This new species exhibits distinctive morphological features, such as the flattened and expanded femur and tibia of the fore and mid legs. This feature suggests that the subgenual organ of Stephanidae likely developed during the Cretaceous. Additionally, the new species has a flattened and elliptical head, which is rarely found in extant species but reminiscent of the head shape of Lagenostephanus. A similar counterpart to its extremely swollen tibia can be found in the extant genus Madegafoenus; however, the swollen and multituberculate hind femur may be considered an autapomorphy. Combining these characteristics along with the results of the phylogenetic analysis, we assigned the new species and genus to the subfamily Lagenostephaninae Ge and Tan, subf. nov.

Figure 10. 

Habitus of Holotype ♀. Tumidistephanus prometheus Ge and Tan, sp. nov. A Photo of specimen. B Line drawing of habitus.

Neurastephanus Ge and Tan, gen. nov.

https://zoobank.org/C615D4C7-32FB-442B-9F6A-38654EE7DC8E

Type species

Electrostephanus neovenatus Aguiar and Janzen, 1999.

Etymology

From “neura” (Latin for “vein”) and the generic name, Stephanus Jurine. The name refers to the peculiar venation of the type specimen. The gender of the name is masculine.

Diagnosis

Pronotum elongated, transversely rugose dorsally. Pronotal fold weakly developed with neck differentiated. Hind coxa strong, spindle shaped with its largely part smooth and shiny without transversely striate. Hind tibia with its median part moderately depressed. Hind tarsi 5-segmented. Forewing with vein 1-Rs shorter than 1-M; vein 2Rs+M distinct and elongate, non-connecting to 2-Rs and apical abscissa of vein M. Pterostigma comparatively wide, obtuse apically; vein 2Cub absent; vein A incomplete, only up to 1cu-a. Tergite I with tergum I and sternum I not fused, about 0.9 x as long as tergite II.

Remarks

Being a complex taxon that encompasses most Eocene crown wasps, the genus †Electrostephanus, presents challenges regarding its monophyly. van Achterberg (2002) claimed that the genus “is difficult to characterize and is mixed.

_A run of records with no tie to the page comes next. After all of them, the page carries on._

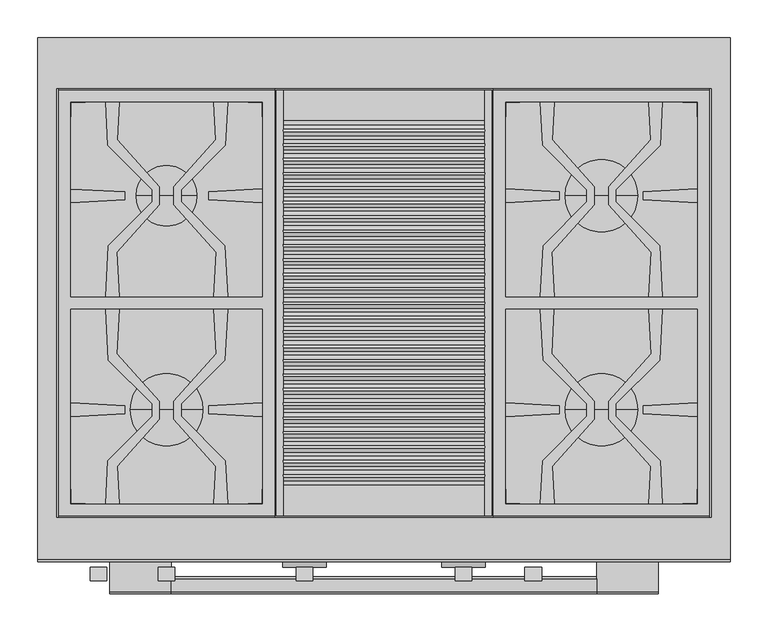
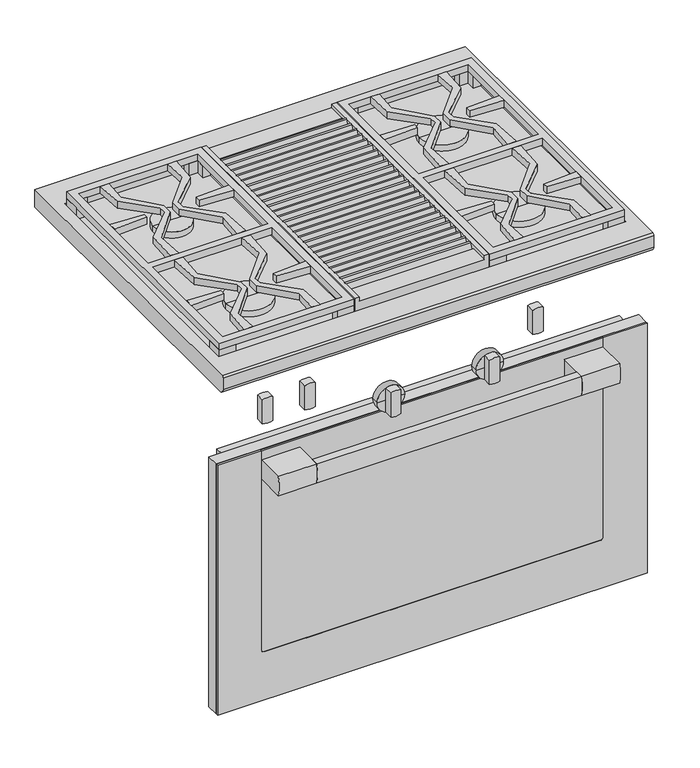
"""IFC4 building model written with IfcOpenShell, lengths in millimetres: proxy geometry, 11791450_USA_HR1135-3G_EDST-CLST : 25113581_USA_11791450_HR1135-3G_EDST-CLST."""

from ifc_helpers import new_model, si_unit, point, frame, frame_2d, origin, place, context, project, spatial, polyline, circle_curve, trimmed, segment, composite_curve, outline, extrude, faceted_brep, source, transform, mapped, element, save
from ifc_brep_helpers import plane_surface, cylinder_surface, revolved_surface, advanced_brep


def specialty_equipment_83be52f8(model_context):
    return source(origin(), model_context, "Body", "SolidModel", [
        extrude(outline(composite_curve([segment(polyline([(-714.0, 624.0), (-731.0, 624.0)]), True, "CONTINUOUS"), segment(trimmed(circle_curve(frame_2d((-655.4583333, 645.5)), 78.5416667), [point((-731.0, 624.0))], [point((-731.0, 667.0))], False, "CARTESIAN"), True, "CONTINUOUS"), segment(polyline([(-731.0, 667.0), (-714.0, 667.0)]), True, "CONTINUOUS"), segment(trimmed(circle_curve(frame_2d((-789.5416667, 645.5)), 78.5416667), [point((-714.0, 667.0))], [point((-714.0, 624.0))], False, "CARTESIAN"), True, "CONTINUOUS")], self_intersect=False)), frame((-281.0, 0.0, 0.0), z_axis=(1.0, 0.0, 0.0), x_axis=(0.0, 1.0, 0.0)), (0.0, 0.0, 1.0), 562.0),
        extrude(outline(composite_curve([segment(polyline([(-731.0, 667.0), (-668.7, 667.0), (-668.7, 624.0), (-731.0, 624.0)]), True, "CONTINUOUS"), segment(trimmed(circle_curve(frame_2d((-655.4583333, 645.5)), 78.5416667), [point((-731.0, 624.0))], [point((-731.0, 667.0))], False, "CARTESIAN"), True, "CONTINUOUS")], self_intersect=False)), frame((281.0, 0.0, 0.0), z_axis=(1.0, 0.0, 0.0), x_axis=(0.0, 1.0, 0.0)), (0.0, 0.0, 1.0), 81.0),
        extrude(outline(composite_curve([segment(polyline([(-668.7, 667.0), (-668.7, 624.0), (-731.0, 624.0)]), True, "CONTINUOUS"), segment(trimmed(circle_curve(frame_2d((-655.4583333, 645.5)), 78.5416667), [point((-731.0, 624.0))], [point((-731.0, 667.0))], False, "CARTESIAN"), True, "CONTINUOUS"), segment(polyline([(-731.0, 667.0), (-668.7, 667.0)]), True, "CONTINUOUS")], self_intersect=False)), frame((-362.0, 0.0, 0.0), z_axis=(1.0, 0.0, 0.0), x_axis=(0.0, 1.0, 0.0)), (0.0, 0.0, 1.0), 81.0),
        extrude(outline(polyline([(-456.0, -638.0), (456.0, -638.0), (456.0, -664.7), (-456.0, -664.7), (-456.0, -638.0)])), frame((0.0, 0.0, 127.0), z_axis=(0.0, 0.0, 1.0), x_axis=(1.0, 0.0, 0.0)), (0.0, 0.0, 1.0), 561.0),
        extrude(outline(polyline([(-455.0, -664.7), (455.0, -664.7), (455.0, -668.7), (-455.0, -668.7), (-455.0, -664.7)])), frame((0.0, 0.0, 128.0), z_axis=(0.0, 0.0, 1.0), x_axis=(1.0, 0.0, 0.0)), (0.0, 0.0, 1.0), 559.0),
        advanced_brep(
        [(363.0, -664.7, 688.0), (456.0, -664.7, 688.0), (456.0, -664.7, 127.0), (-456.0, -664.7, 127.0), (-456.0, -664.7, 688.0), (-363.0, -664.7, 688.0), (-363.0, -664.7, 687.0), (-455.0, -664.7, 687.0), (-455.0, -664.7, 128.0), (455.0, -664.7, 128.0), (455.0, -664.7, 687.0), (363.0, -664.7, 687.0), (-363.0, -670.0, 688.0), (-456.0, -670.0, 688.0), (-456.0, -670.0, 127.0), (456.0, -670.0, 127.0), (456.0, -670.0, 688.0), (363.0, -670.0, 688.0), (363.0, -670.0, 241.0), (357.0, -670.0, 235.0), (-357.0, -670.0, 235.0), (-363.0, -670.0, 241.0), (-363.0, -668.7, 241.0), (-363.0, -668.7, 687.0), (357.0, -668.7, 235.0), (-357.0, -668.7, 235.0), (363.0, -668.7, 687.0), (363.0, -668.7, 241.0), (455.0, -668.7, 687.0), (455.0, -668.7, 128.0), (-455.0, -668.7, 128.0), (-455.0, -668.7, 687.0)],
        [
            (0, 1),
            (1, 2),
            (2, 3),
            (3, 4),
            (4, 5),
            (5, 6),
            (6, 7),
            (7, 8),
            (8, 9),
            (9, 10),
            (10, 11),
            (11, 0),
            (12, 13),
            (13, 14),
            (14, 15),
            (15, 16),
            (16, 17),
            (17, 18),
            (18, 19, circle_curve(frame((357.0, -670.0, 241.0), z_axis=(0.0, 1.0, 0.0), x_axis=(-1.0, 0.0, 0.0)), 6.0)),
            (19, 20),
            (20, 21, circle_curve(frame((-357.0, -670.0, 241.0), z_axis=(0.0, 1.0, 0.0), x_axis=(-1.0, 0.0, 0.0)), 6.0)),
            (21, 12),
            (21, 22),
            (22, 23),
            (23, 6),
            (5, 12),
            (19, 24),
            (24, 25),
            (25, 20),
            (17, 0),
            (11, 26),
            (26, 27),
            (27, 18),
            (16, 1),
            (15, 2),
            (14, 3),
            (13, 4),
            (25, 22, circle_curve(frame((-357.0, -668.7, 241.0), z_axis=(0.0, 1.0, 0.0), x_axis=(-1.0, 0.0, 0.0)), 6.0)),
            (27, 24, circle_curve(frame((357.0, -668.7, 241.0), z_axis=(0.0, 1.0, 0.0), x_axis=(-1.0, 0.0, 0.0)), 6.0)),
            (28, 29),
            (29, 30),
            (30, 31),
            (31, 23),
            (26, 28),
            (28, 10),
            (9, 29),
            (8, 30),
            (7, 31),
        ],
        [
            plane_surface(frame((-363.0, -664.7, 241.0), z_axis=(0.0, 1.0, 0.0), x_axis=(0.0, 0.0, -1.0))),
            plane_surface(frame((-363.0, -670.0, 241.0), z_axis=(0.0, -1.0, 0.0), x_axis=(0.0, 0.0, 1.0))),
            plane_surface(frame((-363.0, -664.7, 688.0), z_axis=(1.0, 0.0, 0.0), x_axis=(0.0, -1.0, 0.0))),
            plane_surface(frame((-357.0, -664.7, 235.0), z_axis=(0.0, 0.0, 1.0), x_axis=(0.0, -1.0, 0.0))),
            plane_surface(frame((363.0, -664.7, 241.0), z_axis=(-1.0, 0.0, 0.0), x_axis=(0.0, -1.0, 0.0))),
            plane_surface(frame((363.0, -664.7, 688.0), z_axis=(0.0, 0.0, 1.0), x_axis=(0.0, -1.0, 0.0))),
            plane_surface(frame((456.0, -664.7, 688.0), z_axis=(1.0, 0.0, 0.0), x_axis=(0.0, -1.0, 0.0))),
            plane_surface(frame((456.0, -664.7, 127.0), z_axis=(0.0, 0.0, -1.0), x_axis=(0.0, -1.0, 0.0))),
            plane_surface(frame((-456.0, -664.7, 127.0), z_axis=(-1.0, 0.0, 0.0), x_axis=(0.0, -1.0, 0.0))),
            plane_surface(frame((-456.0, -664.7, 688.0), z_axis=(0.0, 0.0, 1.0), x_axis=(0.0, -1.0, 0.0))),
            revolved_surface(polyline([(-363.0, -670.0, 241.0), (-363.0, -668.7, 241.0)]), (-357.0, -670.0, 241.0), (0.0, -1.0, 0.0)),
            revolved_surface(polyline([(351.0, -670.0, 241.0), (351.0, -668.7, 241.0)]), (357.0, -670.0, 241.0), (0.0, -1.0, 0.0)),
            plane_surface(frame((455.0, -668.7, 687.0), z_axis=(0.0, 1.0, 0.0), x_axis=(0.0, 0.0, 1.0))),
            plane_surface(frame((455.0, -664.7, 687.0), z_axis=(-1.0, 0.0, 0.0), x_axis=(0.0, -1.0, 0.0))),
            plane_surface(frame((455.0, -664.7, 128.0), z_axis=(0.0, 0.0, 1.0), x_axis=(0.0, -1.0, 0.0))),
            plane_surface(frame((-455.0, -664.7, 128.0), z_axis=(1.0, 0.0, 0.0), x_axis=(0.0, -1.0, 0.0))),
            plane_surface(frame((-455.0, -664.7, 687.0), z_axis=(0.0, 0.0, -1.0), x_axis=(0.0, -1.0, 0.0))),
        ],
        [
            (0, [[1, 2, 3, 4, 5, 6, 7, 8, 9, 10, 11, 12]]),
            (1, [[13, 14, 15, 16, 17, 18, 19, 20, 21, 22]]),
            (2, [[-22, 23, 24, 25, -6, 26]]),
            (3, [[-20, 27, 28, 29]]),
            (4, [[-18, 30, -12, 31, 32, 33]]),
            (5, [[-1, -30, -17, 34]]),
            (6, [[-2, -34, -16, 35]]),
            (7, [[-3, -35, -15, 36]]),
            (8, [[-4, -36, -14, 37]]),
            (9, [[-5, -37, -13, -26]]),
            (10, [[-21, -29, 38, -23]]),
            (11, [[-19, -33, 39, -27]]),
            (12, [[40, 41, 42, 43, -24, -38, -28, -39, -32, 44]]),
            (13, [[-40, 45, -10, 46]]),
            (14, [[-41, -46, -9, 47]]),
            (15, [[-42, -47, -8, 48]]),
            (16, [[-45, -44, -31, -11]]),
            (16, [[-48, -7, -25, -43]]),
        ],
    ),
        extrude(outline(polyline([(-427.0, -617.0), (427.0, -617.0), (427.0, -638.0), (-427.0, -638.0), (-427.0, -617.0)])), frame((0.0, 0.0, 133.0), z_axis=(0.0, 0.0, 1.0), x_axis=(1.0, 0.0, 0.0)), (0.0, 0.0, 1.0), 550.0),
        extrude(outline(polyline([(206.4177304, -358.0273828), (224.4174107, -358.0273828), (221.3474419, -416.9894265), (277.4590566, -479.568392), (277.4590566, -503.4471434), (221.8930533, -565.5024535), (224.5051055, -615.0212482), (206.5054252, -615.0212482), (209.4706458, -558.0710081), (267.8494553, -499.6921986), (267.8494553, -483.3657133), (209.9764383, -425.4926963), (206.4177304, -358.0273828)])), frame((0.0, 0.0, 914.0), z_axis=(0.0, 0.0, 1.0), x_axis=(1.0, 0.0, 0.0)), (0.0, 0.0, 1.0), 15.0),
        extrude(outline(polyline([(352.5666917, -416.9448139), (349.4588735, -358.0273828), (367.4534566, -358.0273828), (363.9434746, -425.4403498), (306.0712231, -483.3126013), (306.0712231, -499.6295194), (364.5438392, -558.1021355), (367.5462487, -615.0212482), (349.541471, -615.0212482), (352.1220648, -565.4581775), (296.4590702, -503.3795395), (296.4590702, -479.6049953), (352.5666917, -416.9448139)])), frame((0.0, 0.0, 914.0), z_axis=(0.0, 0.0, 1.0), x_axis=(1.0, 0.0, 0.0)), (0.0, 0.0, 1.0), 15.0),
        extrude(outline(polyline([(-367.5822696, -358.0273828), (-349.5825893, -358.0273828), (-352.6525581, -416.9894265), (-296.5409434, -479.568392), (-296.5409434, -503.4471434), (-352.1069467, -565.5024535), (-349.4948945, -615.0212482), (-367.4945748, -615.0212482), (-364.5293542, -558.0710081), (-306.1505447, -499.6921986), (-306.1505447, -483.3657133), (-364.0235617, -425.4926963), (-367.5822696, -358.0273828)])), frame((0.0, 0.0, 914.0), z_axis=(0.0, 0.0, 1.0), x_axis=(1.0, 0.0, 0.0)), (0.0, 0.0, 1.0), 15.0),
        extrude(outline(polyline([(-224.5411265, -358.0273828), (-206.5465434, -358.0273828), (-210.0565254, -425.4403498), (-267.9287769, -483.3126013), (-267.9287769, -499.6295194), (-209.4561608, -558.1021355), (-206.4537513, -615.0212482), (-224.458529, -615.0212482), (-221.8779352, -565.4581775), (-277.5409298, -503.3795395), (-277.5409298, -479.6049953), (-221.4333083, -416.9448139), (-224.5411265, -358.0273828)])), frame((0.0, 0.0, 914.0), z_axis=(0.0, 0.0, 1.0), x_axis=(1.0, 0.0, 0.0)), (0.0, 0.0, 1.0), 15.0),
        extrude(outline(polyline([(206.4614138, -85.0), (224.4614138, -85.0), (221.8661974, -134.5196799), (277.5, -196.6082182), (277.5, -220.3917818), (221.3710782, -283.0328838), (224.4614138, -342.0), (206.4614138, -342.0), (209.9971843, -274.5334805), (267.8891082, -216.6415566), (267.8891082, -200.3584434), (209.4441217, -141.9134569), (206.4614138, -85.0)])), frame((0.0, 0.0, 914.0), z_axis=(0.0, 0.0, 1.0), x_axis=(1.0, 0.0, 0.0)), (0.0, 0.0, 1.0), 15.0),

Some species of the genus †Electrostephanus may belong to the subfamily Stephaninae.” Engel and Grimaldi (2004) separated the genus †Denaeostephanus from †Electrostephanus but Engel and Ortega-Blanco (2008) indicated that the remaining †Electrostephanus species are still heterogeneous in lineages, with †E. neovenatus being enigmatic. We found that the species †E. neovenatus (Aguiar and Janzen, 1999) differed distinctly from all its congeners. Phylogenetic analysis indicated that it is reasonable to include this species in a new genus †Neurastephanus Ge and Tan, gen. nov. under the subfamily †Lagenostephaninae Ge and Tan, subf. nov. with only its type species †N. neovenatus (Aguiar and Janzen, 1999) comb. nov.

Stephaninae Leach, 1815

= †Electrostephaninae Engel, 2005; Type genus: †Electrostephanus Brues, 1933

Electrostephanus Brues, 1933

Type species

Electrostephanus brevicornis Brues, 1933.

Diagnosis

Hind coxa without dorsal tooth; metafemur bidentate or tridentate; hind tarsus of female with five tarsomeres; Forewing with vein 1-M arched, and distinctly longer than 1m-cu; veins Rs+M and 1Cu parallel; vein 1Cu with spiny setae basally; vein 2Rs+M short, with slightly incisions between 2-RS and apical abscissa of vein M; 2Cua and 2Cub mostly present and tubular; hind wing with all veins absent except Sc+R present. Tergite I with tergum I and sternum I not fused. Tergite I nearly as long as Tergite II. Ovipositor sheath about as long as body length.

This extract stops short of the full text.